Security Council composition
- Permanent members: China; France; Russia; United Kingdom; United States;
- Non-permanent members: Bahrain; Brazil; Costa Rica; Gabon; Gambia; Japan; Kenya; Portugal; Slovenia; Sweden;

= United Nations Security Council Resolution 1217 =

United Nations Security Council resolution

United Nations Security Council resolution 1217, adopted unanimously on 22 December 1998, after reaffirming all past resolutions on the situation in Cyprus, the Council extended the mandate of the United Nations Peacekeeping Force in Cyprus (UNFICYP) for a further six months until 30 June 1999.

The Government of Cyprus had again agreed to the continued presence of UNFICYP on the island. The situation along the ceasefire line had remained calm apart from minor violations, though there were restrictions upon UNFICYP's freedom of movement.

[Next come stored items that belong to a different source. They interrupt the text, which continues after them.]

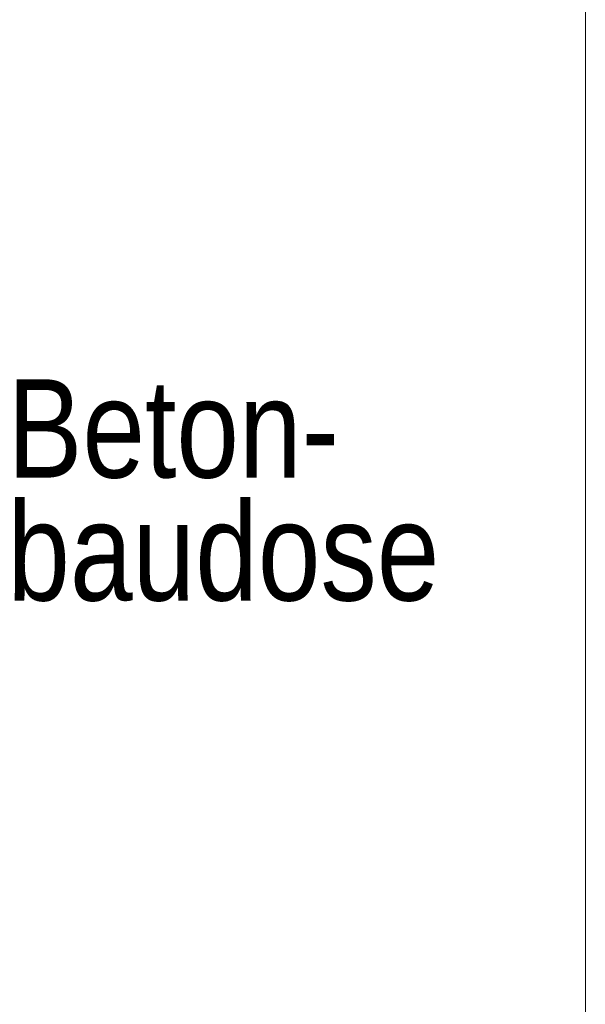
# Model space of a CAD drawing. Extents: x -620 to 300, y 62 to 1162.
# Tile 261 of 300: x 230 to 238, y 862 to 876. Entities that reach past the tile are written whole.
import ezdxf
from ezdxf.lldxf.tags import DXFTag

# ---------------------------------------------------------------- set-up
doc = ezdxf.new("R2010")
doc.units = 0
doc.layers.get('0').update_dxf_attribs({"lineweight": 13})
doc.layers.add('E_Detail_Beschriftung', color=7, linetype='Continuous', lineweight=13, true_color=0x009900)
doc.layers.add('E_Detail_Linie_Text_Bem', color=7, linetype='Continuous', lineweight=13)
doc.styles.get("Standard").update_dxf_attribs({"font": 'ARIALN.TTF'})
tags = doc.linetypes.add('fein_strichliert-A06G94EV8I', pattern=[4, 1, -2, 1]).pattern_tags.tags
tags[8:9] = [DXFTag(74, 4), DXFTag(75, 0), DXFTag(340, '0'), DXFTag(46, 0.0), DXFTag(50, 0.0), DXFTag(44, 0.0), DXFTag(45, 0.0)]
tags[6:7] = [DXFTag(74, 4), DXFTag(75, 0), DXFTag(340, '0'), DXFTag(46, 0.0), DXFTag(50, 0.0), DXFTag(44, 0.0), DXFTag(45, 0.0)]
tags[4:5] = [DXFTag(74, 4), DXFTag(75, 0), DXFTag(340, '0'), DXFTag(46, 0.0), DXFTag(50, 0.0), DXFTag(44, 0.0), DXFTag(45, 0.0)]

# ---------------------------------------------------------------- blocks, each defined once
blk = doc.blocks.new('Referenz-A06G94EW8I')
at = {"layer": 'E_Detail_Linie_Text_Bem', "linetype": 'fein_strichliert-A06G94EV8I', "ltscale": 0.65}
blk.add_line((237.664, 851.737), (237.664, 913.053), dxfattribs=at)
at = {"layer": 'E_Detail_Beschriftung', "linetype": 'Continuous', "ltscale": 0.13, "char_height": 1.4, "attachment_point": 1}
for s, insert in [('{\\fArial Narrow;Beton-}', (229.432, 871.128)), ('{\\fArial Narrow;baudose}', (229.432, 869.378))]:
    blk.add_mtext(s, dxfattribs=dict(at, insert=insert))

msp = doc.modelspace()

# ---------------------------------------------------------------- block references
at = {"color": 8, "lineweight": 25, "ltscale": 0.25, "true_color": 0x808080}
msp.add_blockref('Referenz-A06G94EW8I', (0, 0), dxfattribs=at)

doc.saveas('drawing.dxf')

The mandate of UNFICYP was extended until 30 June 1999 and authorities in Cyprus and Northern Cyprus were reminded to ensure the safety of UNFICYP personnel and end violence against it. Military authorities on both sides were urged to refrain from actions that could exacerbate tensions. There was also concern about the strengthening of military weapons in southern Cyprus and the lack of progress in decreasing the number of foreign troops. In this regard, the Council urged the Republic of Cyprus to cut back on defence spending and withdraw foreign troops, with an overall view to demilitarising the entire island.

The security council welcomed the intention of UNFICYP to implement its humanitarian mandate. Also welcomed was the establishment of a Civil Affairs Branch and the resumption of the work of the Committee on Missing Persons.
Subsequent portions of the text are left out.